▶ _WORK INSTRUCTIONS_:
Return every line of the data below word for word, including the punctuation.

▶ _DATA TO EXAMINE_:
........

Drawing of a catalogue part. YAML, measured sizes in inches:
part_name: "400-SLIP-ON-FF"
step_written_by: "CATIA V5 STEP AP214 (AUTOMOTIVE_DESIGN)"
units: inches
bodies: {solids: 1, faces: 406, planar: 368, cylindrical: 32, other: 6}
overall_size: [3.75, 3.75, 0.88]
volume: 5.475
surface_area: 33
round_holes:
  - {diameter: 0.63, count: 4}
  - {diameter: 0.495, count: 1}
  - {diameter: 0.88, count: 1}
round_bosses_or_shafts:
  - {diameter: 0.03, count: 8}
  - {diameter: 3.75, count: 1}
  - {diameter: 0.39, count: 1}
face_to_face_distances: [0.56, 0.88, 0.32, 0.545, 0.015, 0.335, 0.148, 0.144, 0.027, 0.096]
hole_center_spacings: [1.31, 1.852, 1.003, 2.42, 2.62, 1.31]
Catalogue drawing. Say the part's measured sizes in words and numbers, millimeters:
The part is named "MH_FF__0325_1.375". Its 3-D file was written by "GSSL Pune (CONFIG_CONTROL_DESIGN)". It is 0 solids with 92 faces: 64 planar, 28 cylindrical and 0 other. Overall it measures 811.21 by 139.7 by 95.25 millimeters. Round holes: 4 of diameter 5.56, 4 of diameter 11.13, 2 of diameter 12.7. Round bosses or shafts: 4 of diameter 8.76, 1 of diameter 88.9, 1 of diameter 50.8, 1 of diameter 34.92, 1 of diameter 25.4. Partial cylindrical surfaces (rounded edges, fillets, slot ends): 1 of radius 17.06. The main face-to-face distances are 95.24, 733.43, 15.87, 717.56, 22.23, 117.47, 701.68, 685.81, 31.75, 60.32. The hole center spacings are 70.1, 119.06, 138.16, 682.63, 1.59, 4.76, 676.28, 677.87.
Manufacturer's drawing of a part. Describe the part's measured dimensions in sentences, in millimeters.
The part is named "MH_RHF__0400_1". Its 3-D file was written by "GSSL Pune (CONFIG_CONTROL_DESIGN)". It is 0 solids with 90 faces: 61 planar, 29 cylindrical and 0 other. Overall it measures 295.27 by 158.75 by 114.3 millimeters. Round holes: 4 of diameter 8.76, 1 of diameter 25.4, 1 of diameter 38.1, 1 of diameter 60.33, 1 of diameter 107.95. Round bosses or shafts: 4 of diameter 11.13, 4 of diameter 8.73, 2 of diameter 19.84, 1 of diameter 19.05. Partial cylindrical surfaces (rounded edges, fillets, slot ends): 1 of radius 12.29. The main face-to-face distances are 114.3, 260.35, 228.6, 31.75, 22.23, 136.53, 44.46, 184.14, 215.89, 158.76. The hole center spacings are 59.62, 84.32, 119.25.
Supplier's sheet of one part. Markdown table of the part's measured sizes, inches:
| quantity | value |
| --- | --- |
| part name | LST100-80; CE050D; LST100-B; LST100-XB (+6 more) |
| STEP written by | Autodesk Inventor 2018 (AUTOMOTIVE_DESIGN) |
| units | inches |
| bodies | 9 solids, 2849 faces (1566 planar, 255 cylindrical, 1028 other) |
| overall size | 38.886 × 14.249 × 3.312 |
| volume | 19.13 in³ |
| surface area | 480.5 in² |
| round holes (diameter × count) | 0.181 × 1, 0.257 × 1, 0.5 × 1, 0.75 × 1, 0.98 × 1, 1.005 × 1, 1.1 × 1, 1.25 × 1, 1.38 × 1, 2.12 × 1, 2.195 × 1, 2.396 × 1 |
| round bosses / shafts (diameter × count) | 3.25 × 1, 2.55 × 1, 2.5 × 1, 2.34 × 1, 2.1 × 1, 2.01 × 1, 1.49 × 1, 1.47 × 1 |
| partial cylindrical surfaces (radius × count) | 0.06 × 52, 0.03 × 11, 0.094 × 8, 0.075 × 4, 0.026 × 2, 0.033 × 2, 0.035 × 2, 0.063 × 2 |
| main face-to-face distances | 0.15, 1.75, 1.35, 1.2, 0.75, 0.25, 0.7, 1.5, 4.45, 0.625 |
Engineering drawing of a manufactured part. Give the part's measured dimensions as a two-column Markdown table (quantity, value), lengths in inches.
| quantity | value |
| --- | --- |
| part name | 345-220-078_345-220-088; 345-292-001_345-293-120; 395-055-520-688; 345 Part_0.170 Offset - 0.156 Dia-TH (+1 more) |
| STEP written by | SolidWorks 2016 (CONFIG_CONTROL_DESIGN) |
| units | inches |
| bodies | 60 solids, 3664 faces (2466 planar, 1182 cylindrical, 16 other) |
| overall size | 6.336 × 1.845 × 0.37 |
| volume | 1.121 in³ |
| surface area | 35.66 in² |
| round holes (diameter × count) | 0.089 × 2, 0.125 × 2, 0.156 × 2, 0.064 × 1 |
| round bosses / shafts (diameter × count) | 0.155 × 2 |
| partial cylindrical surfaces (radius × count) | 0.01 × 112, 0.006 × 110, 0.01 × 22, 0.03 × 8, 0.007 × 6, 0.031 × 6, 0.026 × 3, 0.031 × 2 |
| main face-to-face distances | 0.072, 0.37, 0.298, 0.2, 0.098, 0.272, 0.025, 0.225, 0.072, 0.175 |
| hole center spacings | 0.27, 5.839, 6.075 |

........

▶ _REPLY_:
Drawing of a catalogue part. YAML, measured sizes in inches:
part_name: "400-SLIP-ON-FF"
step_written_by: "CATIA V5 STEP AP214 (AUTOMOTIVE_DESIGN)"
units: inches
bodies: {solids: 1, faces: 406, planar: 368, cylindrical: 32, other: 6}
overall_size: [3.75, 3.75, 0.88]
volume: 5.475
surface_area: 33
round_holes:
  - {diameter: 0.63, count: 4}
  - {diameter: 0.495, count: 1}
  - {diameter: 0.88, count: 1}
round_bosses_or_shafts:
  - {diameter: 0.03, count: 8}
  - {diameter: 3.75, count: 1}
  - {diameter: 0.39, count: 1}
face_to_face_distances: [0.56, 0.88, 0.32, 0.545, 0.015, 0.335, 0.148, 0.144, 0.027, 0.096]
hole_center_spacings: [1.31, 1.852, 1.003, 2.42, 2.62, 1.31]
Catalogue drawing. Say the part's measured sizes in words and numbers, millimeters:
The part is named "MH_FF__0325_1.375". Its 3-D file was written by "GSSL Pune (CONFIG_CONTROL_DESIGN)". It is 0 solids with 92 faces: 64 planar, 28 cylindrical and 0 other. Overall it measures 811.21 by 139.7 by 95.25 millimeters. Round holes: 4 of diameter 5.56, 4 of diameter 11.13, 2 of diameter 12.7. Round bosses or shafts: 4 of diameter 8.76, 1 of diameter 88.9, 1 of diameter 50.8, 1 of diameter 34.92, 1 of diameter 25.4. Partial cylindrical surfaces (rounded edges, fillets, slot ends): 1 of radius 17.06. The main face-to-face distances are 95.24, 733.43, 15.87, 717.56, 22.23, 117.47, 701.68, 685.81, 31.75, 60.32. The hole center spacings are 70.1, 119.06, 138.16, 682.63, 1.59, 4.76, 676.28, 677.87.
Manufacturer's drawing of a part. Describe the part's measured dimensions in sentences, in millimeters.
The part is named "MH_RHF__0400_1". Its 3-D file was written by "GSSL Pune (CONFIG_CONTROL_DESIGN)". It is 0 solids with 90 faces: 61 planar, 29 cylindrical and 0 other. Overall it measures 295.27 by 158.75 by 114.3 millimeters. Round holes: 4 of diameter 8.76, 1 of diameter 25.4, 1 of diameter 38.1, 1 of diameter 60.33, 1 of diameter 107.95. Round bosses or shafts: 4 of diameter 11.13, 4 of diameter 8.73, 2 of diameter 19.84, 1 of diameter 19.05. Partial cylindrical surfaces (rounded edges, fillets, slot ends): 1 of radius 12.29. The main face-to-face distances are 114.3, 260.35, 228.6, 31.75, 22.23, 136.53, 44.46, 184.14, 215.89, 158.76. The hole center spacings are 59.62, 84.32, 119.25.
Supplier's sheet of one part. Markdown table of the part's measured sizes, inches:
| quantity | value |
| --- | --- |
| part name | LST100-80; CE050D; LST100-B; LST100-XB (+6 more) |
| STEP written by | Autodesk Inventor 2018 (AUTOMOTIVE_DESIGN) |
| units | inches |
| bodies | 9 solids, 2849 faces (1566 planar, 255 cylindrical, 1028 other) |
| overall size | 38.886 × 14.249 × 3.312 |
| volume | 19.13 in³ |
| surface area | 480.5 in² |
| round holes (diameter × count) | 0.181 × 1, 0.257 × 1, 0.5 × 1, 0.75 × 1, 0.98 × 1, 1.005 × 1, 1.1 × 1, 1.25 × 1, 1.38 × 1, 2.12 × 1, 2.195 × 1, 2.396 × 1 |
| round bosses / shafts (diameter × count) | 3.25 × 1, 2.55 × 1, 2.5 × 1, 2.34 × 1, 2.1 × 1, 2.01 × 1, 1.49 × 1, 1.47 × 1 |
| partial cylindrical surfaces (radius × count) | 0.06 × 52, 0.03 × 11, 0.094 × 8, 0.075 × 4, 0.026 × 2, 0.033 × 2, 0.035 × 2, 0.063 × 2 |
| main face-to-face distances | 0.15, 1.75, 1.35, 1.2, 0.75, 0.25, 0.7, 1.5, 4.45, 0.625 |
Engineering drawing of a manufactured part. Give the part's measured dimensions as a two-column Markdown table (quantity, value), lengths in inches.
| quantity | value |
| --- | --- |
| part name | 345-220-078_345-220-088; 345-292-001_345-293-120; 395-055-520-688; 345 Part_0.170 Offset - 0.156 Dia-TH (+1 more) |
| STEP written by | SolidWorks 2016 (CONFIG_CONTROL_DESIGN) |
| units | inches |
| bodies | 60 solids, 3664 faces (2466 planar, 1182 cylindrical, 16 other) |
| overall size | 6.336 × 1.845 × 0.37 |
| volume | 1.121 in³ |
| surface area | 35.66 in² |
| round holes (diameter × count) | 0.089 × 2, 0.125 × 2, 0.156 × 2, 0.064 × 1 |
| round bosses / shafts (diameter × count) | 0.155 × 2 |
| partial cylindrical surfaces (radius × count) | 0.01 × 112, 0.006 × 110, 0.01 × 22, 0.03 × 8, 0.007 × 6, 0.031 × 6, 0.026 × 3, 0.031 × 2 |
| main face-to-face distances | 0.072, 0.37, 0.298, 0.2, 0.098, 0.272, 0.025, 0.225, 0.072, 0.175 |
| hole center spacings | 0.27, 5.839, 6.075 |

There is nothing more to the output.